Excerpts from a dataset:
****

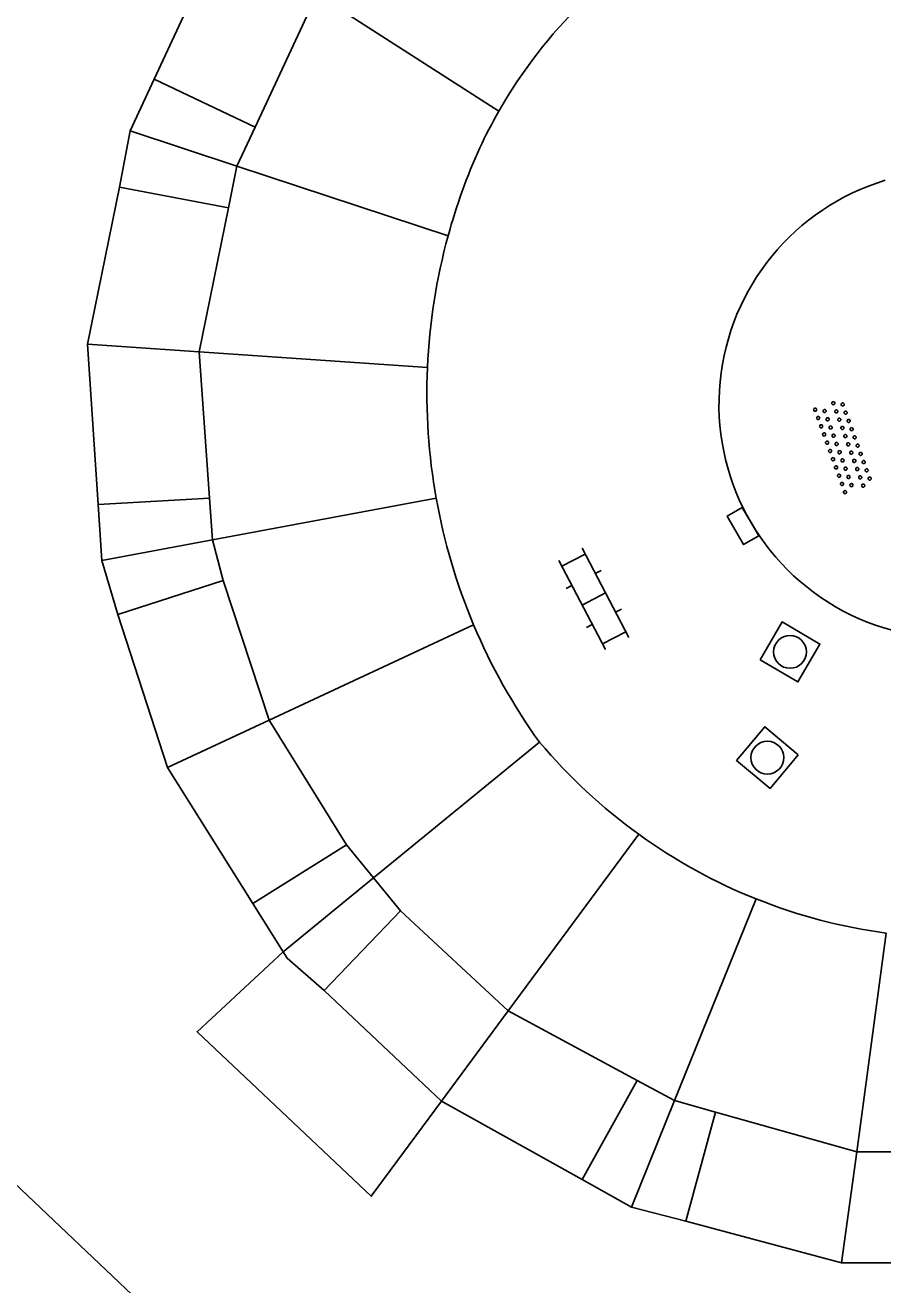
# Model space of a CAD drawing. Extents: x 125000 to 129004, y 397500 to 399008.
# Drawn here: x 127302.59 to 127322.15, y 398668.32 to 398697.07 of the extents above; entities that cross this region are included whole.
import ezdxf

# ---------------------------------------------------------------- set-up
doc = ezdxf.new("R2010")
doc.units = 0
for name, color, linetype in [('gg-bbg-bijgebouw', 7, 'Continuous'), ('gg-bbg-gedigitaliseerde bebouwing', 7, 'Continuous'), ('gg-bbg-gedigitaliseerde bijgebouw', 7, 'Continuous'), ('gg-bbg-luifel en loopbrug', 7, 'Continuous'), ('gg-bbg-tussenscheiding', 7, 'Continuous'), ('gg-knt-verharding', 7, 'Continuous'), ('gt-symb-klinker verharding', 7, 'Continuous'), ('gt-symb-kolk', 7, 'Continuous'), ('gt-symb-overige verharding', 7, 'Continuous'), ('gt-symb-rioolschacht', 7, 'Continuous')]:
    doc.layers.add(name, color=color, linetype=linetype)

# ---------------------------------------------------------------- blocks, each defined once
blk = doc.blocks.new('gt0-KL1')
at = {"layer": 'gt-symb-klinker verharding'}
for p, q in [((-1.15, 0.3), (1.15, 0.3)), ((-1, -0.3), (-1, 0.3)), ((-0.5, 0.3), (-0.5, 0.45)), ((0, -0.3), (0, 0.3)), ((0.5, 0.3), (0.5, 0.45)), ((1, -0.3), (1, 0.3)), ((-1.15, -0.3), (1.15, -0.3)), ((-0.5, -0.45), (-0.5, -0.3)), ((0.5, -0.45), (0.5, -0.3))]:
    blk.add_line(p, q, dxfattribs=at)
blk = doc.blocks.new('gt0-KOLK')
at = {"layer": 'gt-symb-kolk'}
blk.add_lwpolyline([(0, 0), (0.375, 0), (0.375, 0.4), (-0.375, 0.4), (-0.375, 0), (0, 0)], dxfattribs=at)
blk = doc.blocks.new('gt0-RS')
at = {"layer": 'gt-symb-rioolschacht'}
blk.add_lwpolyline([(-0.5, -0.5), (0.5, -0.5), (0.5, 0.5), (-0.5, 0.5)], close=True, dxfattribs=at)
blk.add_circle((0, 0), 0.375, dxfattribs=at)
blk = doc.blocks.new('gt0-OVH')
at = {"layer": 'gt-symb-overige verharding'}
for points in [[(-0.972, 0.298), (-0.967, 0.308), (-0.965, 0.319), (-0.966, 0.33), (-0.971, 0.34), (-0.978, 0.348), (-0.988, 0.353), (-0.999, 0.355), (-1.01, 0.354), (-1.02, 0.349), (-1.028, 0.342), (-1.033, 0.332), (-1.035, 0.321), (-1.034, 0.31), (-1.029, 0.3), (-1.022, 0.292), (-1.012, 0.287), (-1.001, 0.285), (-0.99, 0.286), (-0.98, 0.291)], [(-0.772, 0.298), (-0.767, 0.308), (-0.765, 0.319), (-0.766, 0.33), (-0.771, 0.34), (-0.778, 0.348), (-0.788, 0.353), (-0.799, 0.355), (-0.81, 0.354), (-0.82, 0.349), (-0.828, 0.342), (-0.833, 0.332), (-0.835, 0.321), (-0.834, 0.31), (-0.829, 0.3), (-0.822, 0.292), (-0.812, 0.287), (-0.801, 0.285), (-0.79, 0.286), (-0.78, 0.291)], [(-0.572, 0.298), (-0.567, 0.308), (-0.565, 0.319), (-0.566, 0.33), (-0.571, 0.34), (-0.578, 0.348), (-0.588, 0.353), (-0.599, 0.355), (-0.61, 0.354), (-0.62, 0.349), (-0.628, 0.342), (-0.633, 0.332), (-0.635, 0.321), (-0.634, 0.31), (-0.629, 0.3), (-0.622, 0.292), (-0.612, 0.287), (-0.601, 0.285), (-0.59, 0.286), (-0.58, 0.291)], [(-0.372, 0.298), (-0.367, 0.308), (-0.365, 0.319), (-0.366, 0.33), (-0.371, 0.34), (-0.378, 0.348), (-0.388, 0.353), (-0.399, 0.355), (-0.41, 0.354), (-0.42, 0.349), (-0.428, 0.342), (-0.433, 0.332), (-0.435, 0.321), (-0.434, 0.31), (-0.429, 0.3), (-0.422, 0.292), (-0.412, 0.287), (-0.401, 0.285), (-0.39, 0.286), (-0.38, 0.291)], [(-0.172, 0.298), (-0.167, 0.308), (-0.165, 0.319), (-0.166, 0.33), (-0.171, 0.34), (-0.178, 0.348), (-0.188, 0.353), (-0.199, 0.355), (-0.21, 0.354), (-0.22, 0.349), (-0.228, 0.342), (-0.233, 0.332), (-0.235, 0.321), (-0.234, 0.31), (-0.229, 0.3), (-0.222, 0.292), (-0.212, 0.287), (-0.201, 0.285), (-0.19, 0.286), (-0.18, 0.291)], [(0.028, 0.298), (0.033, 0.308), (0.035, 0.319), (0.034, 0.33), (0.029, 0.34), (0.022, 0.348), (0.012, 0.353), (0.001, 0.355), (-0.01, 0.354), (-0.02, 0.349), (-0.028, 0.342), (-0.033, 0.332), (-0.035, 0.321), (-0.034, 0.31), (-0.029, 0.3), (-0.022, 0.292), (-0.012, 0.287), (-0.001, 0.285), (0.01, 0.286), (0.02, 0.291)], [(0.228, 0.298), (0.233, 0.308), (0.235, 0.319), (0.234, 0.33), (0.229, 0.34), (0.222, 0.348), (0.212, 0.353), (0.201, 0.355), (0.19, 0.354), (0.18, 0.349), (0.172, 0.342), (0.167, 0.332), (0.165, 0.321), (0.166, 0.31), (0.171, 0.3), (0.178, 0.292), (0.188, 0.287), (0.199, 0.285), (0.21, 0.286), (0.22, 0.291)], [(0.428, 0.298), (0.433, 0.308), (0.435, 0.319), (0.434, 0.33), (0.429, 0.34), (0.422, 0.348), (0.412, 0.353), (0.401, 0.355), (0.39, 0.354), (0.38, 0.349), (0.372, 0.342), (0.367, 0.332), (0.365, 0.321), (0.366, 0.31), (0.371, 0.3), (0.378, 0.292), (0.388, 0.287), (0.399, 0.285), (0.41, 0.286), (0.42, 0.291)], [(0.628, 0.298), (0.633, 0.308), (0.635, 0.319), (0.634, 0.33), (0.629, 0.34), (0.622, 0.348), (0.612, 0.353), (0.601, 0.355), (0.59, 0.354), (0.58, 0.349), (0.572, 0.342), (0.567, 0.332), (0.565, 0.321), (0.566, 0.31), (0.571, 0.3), (0.578, 0.292), (0.588, 0.287), (0.599, 0.285), (0.61, 0.286), (0.62, 0.291)], [(0.828, 0.298), (0.833, 0.308), (0.835, 0.319), (0.834, 0.33), (0.829, 0.34), (0.822, 0.348), (0.812, 0.353), (0.801, 0.355), (0.79, 0.354), (0.78, 0.349), (0.772, 0.342), (0.767, 0.332), (0.765, 0.321), (0.766, 0.31), (0.771, 0.3), (0.778, 0.292), (0.788, 0.287), (0.799, 0.285), (0.81, 0.286), (0.82, 0.291)], [(1.028, 0.298), (1.033, 0.308), (1.035, 0.319), (1.034, 0.33), (1.029, 0.34), (1.022, 0.348), (1.012, 0.353), (1.001, 0.355), (0.99, 0.354), (0.98, 0.349), (0.972, 0.342), (0.967, 0.332), (0.965, 0.321), (0.966, 0.31), (0.971, 0.3), (0.978, 0.292), (0.988, 0.287), (0.999, 0.285), (1.01, 0.286), (1.02, 0.291)], [(-0.872, 0.106), (-0.867, 0.116), (-0.865, 0.126), (-0.866, 0.137), (-0.871, 0.147), (-0.878, 0.156), (-0.888, 0.161), (-0.899, 0.163), (-0.91, 0.162), (-0.92, 0.157), (-0.928, 0.15), (-0.933, 0.14), (-0.935, 0.129), (-0.934, 0.118), (-0.929, 0.108), (-0.922, 0.1), (-0.912, 0.095), (-0.901, 0.092), (-0.89, 0.094), (-0.88, 0.098)], [(-0.672, 0.106), (-0.667, 0.116), (-0.665, 0.126), (-0.666, 0.137), (-0.671, 0.147), (-0.678, 0.156), (-0.688, 0.161), (-0.699, 0.163), (-0.71, 0.162), (-0.72, 0.157), (-0.728, 0.15), (-0.733, 0.14), (-0.735, 0.129), (-0.734, 0.118), (-0.729, 0.108), (-0.722, 0.1), (-0.712, 0.095), (-0.701, 0.092), (-0.69, 0.094), (-0.68, 0.098)], [(-0.472, 0.106), (-0.467, 0.116), (-0.465, 0.126), (-0.466, 0.137), (-0.471, 0.147), (-0.478, 0.156), (-0.488, 0.161), (-0.499, 0.163), (-0.51, 0.162), (-0.52, 0.157), (-0.528, 0.15), (-0.533, 0.14), (-0.535, 0.129), (-0.534, 0.118), (-0.529, 0.108), (-0.522, 0.1), (-0.512, 0.095), (-0.501, 0.092), (-0.49, 0.094), (-0.48, 0.098)], [(-0.272, 0.106), (-0.267, 0.116), (-0.265, 0.126), (-0.266, 0.137), (-0.271, 0.147), (-0.278, 0.156), (-0.288, 0.161), (-0.299, 0.163), (-0.31, 0.162), (-0.32, 0.157), (-0.328, 0.15), (-0.333, 0.14), (-0.335, 0.129), (-0.334, 0.118), (-0.329, 0.108), (-0.322, 0.1), (-0.312, 0.095), (-0.301, 0.092), (-0.29, 0.094), (-0.28, 0.098)], [(-0.072, 0.106), (-0.067, 0.116), (-0.065, 0.126), (-0.066, 0.137), (-0.071, 0.147), (-0.078, 0.156), (-0.088, 0.161), (-0.099, 0.163), (-0.11, 0.162), (-0.12, 0.157), (-0.128, 0.15), (-0.133, 0.14), (-0.135, 0.129), (-0.134, 0.118), (-0.129, 0.108), (-0.122, 0.1), (-0.112, 0.095), (-0.101, 0.092), (-0.09, 0.094), (-0.08, 0.098)], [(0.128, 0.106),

****

Problem | From the first line of the records through the line with "doc.units = 0", reproduce each line exactly and leave the pictures out.

Worked solution |
# Model space of a CAD drawing. Extents: x 125000 to 129004, y 397500 to 399008.
# Drawn here: x 127302.59 to 127322.15, y 398668.32 to 398697.07 of the extents above; entities that cross this region are included whole.
import ezdxf

# ---------------------------------------------------------------- set-up
doc = ezdxf.new("R2010")
doc.units = 0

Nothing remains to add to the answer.